[Records from a collection]

= = = =

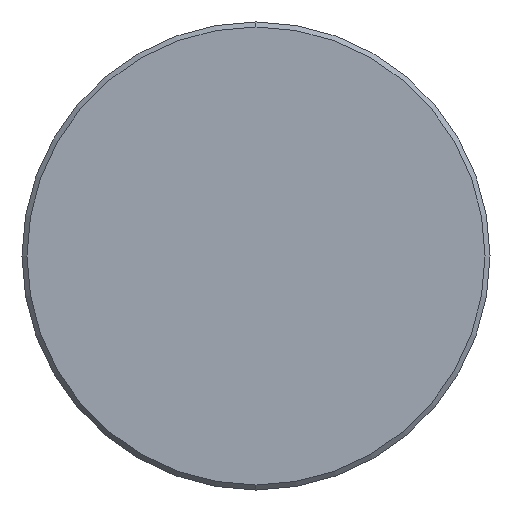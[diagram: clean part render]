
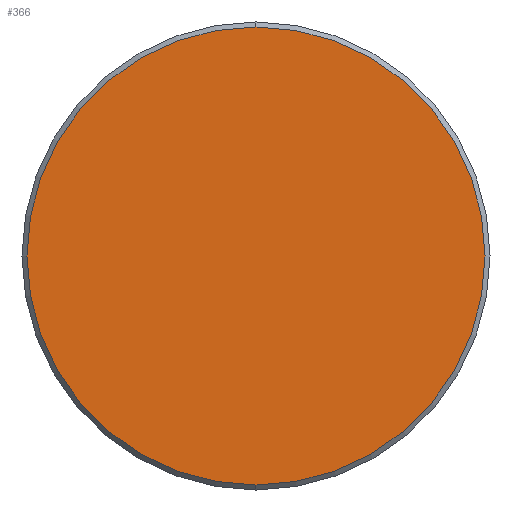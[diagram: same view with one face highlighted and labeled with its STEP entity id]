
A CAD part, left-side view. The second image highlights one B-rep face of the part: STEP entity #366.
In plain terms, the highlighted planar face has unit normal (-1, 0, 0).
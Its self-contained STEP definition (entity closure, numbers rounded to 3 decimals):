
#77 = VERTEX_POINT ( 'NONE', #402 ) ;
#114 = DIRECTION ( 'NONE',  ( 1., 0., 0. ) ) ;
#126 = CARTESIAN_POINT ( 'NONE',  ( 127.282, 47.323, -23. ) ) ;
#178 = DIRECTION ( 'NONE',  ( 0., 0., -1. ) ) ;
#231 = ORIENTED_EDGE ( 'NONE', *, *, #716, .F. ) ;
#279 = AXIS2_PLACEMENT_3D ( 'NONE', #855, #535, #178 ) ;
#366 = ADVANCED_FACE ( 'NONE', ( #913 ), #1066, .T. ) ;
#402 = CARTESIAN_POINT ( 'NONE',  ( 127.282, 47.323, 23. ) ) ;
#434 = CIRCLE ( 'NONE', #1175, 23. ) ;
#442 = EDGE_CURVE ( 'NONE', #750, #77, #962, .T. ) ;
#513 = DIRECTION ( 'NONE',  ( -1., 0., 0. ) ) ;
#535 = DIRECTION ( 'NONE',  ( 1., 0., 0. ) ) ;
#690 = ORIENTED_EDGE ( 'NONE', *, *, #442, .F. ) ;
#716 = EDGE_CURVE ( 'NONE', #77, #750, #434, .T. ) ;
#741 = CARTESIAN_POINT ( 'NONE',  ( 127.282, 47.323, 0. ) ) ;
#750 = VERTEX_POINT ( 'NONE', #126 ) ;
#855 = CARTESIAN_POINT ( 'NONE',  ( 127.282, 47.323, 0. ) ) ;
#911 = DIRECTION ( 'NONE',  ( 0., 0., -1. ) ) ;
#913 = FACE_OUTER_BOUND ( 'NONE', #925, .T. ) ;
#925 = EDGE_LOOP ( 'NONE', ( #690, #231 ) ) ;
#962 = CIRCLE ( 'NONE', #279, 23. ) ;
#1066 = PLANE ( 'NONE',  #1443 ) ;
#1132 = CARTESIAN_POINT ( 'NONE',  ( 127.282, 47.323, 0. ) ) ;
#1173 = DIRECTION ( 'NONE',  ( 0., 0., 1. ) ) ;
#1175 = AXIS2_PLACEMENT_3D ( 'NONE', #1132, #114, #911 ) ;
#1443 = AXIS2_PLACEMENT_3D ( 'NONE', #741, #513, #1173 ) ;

= = = =

Please return the span of lines above that opens with the one containing "#1173 = DIRECTION" and closes with the final line, both included, exactly as written and nothing more.

#1173 = DIRECTION ( 'NONE',  ( 0., 0., 1. ) ) ;
#1175 = AXIS2_PLACEMENT_3D ( 'NONE', #1132, #114, #911 ) ;
#1443 = AXIS2_PLACEMENT_3D ( 'NONE', #741, #513, #1173 ) ;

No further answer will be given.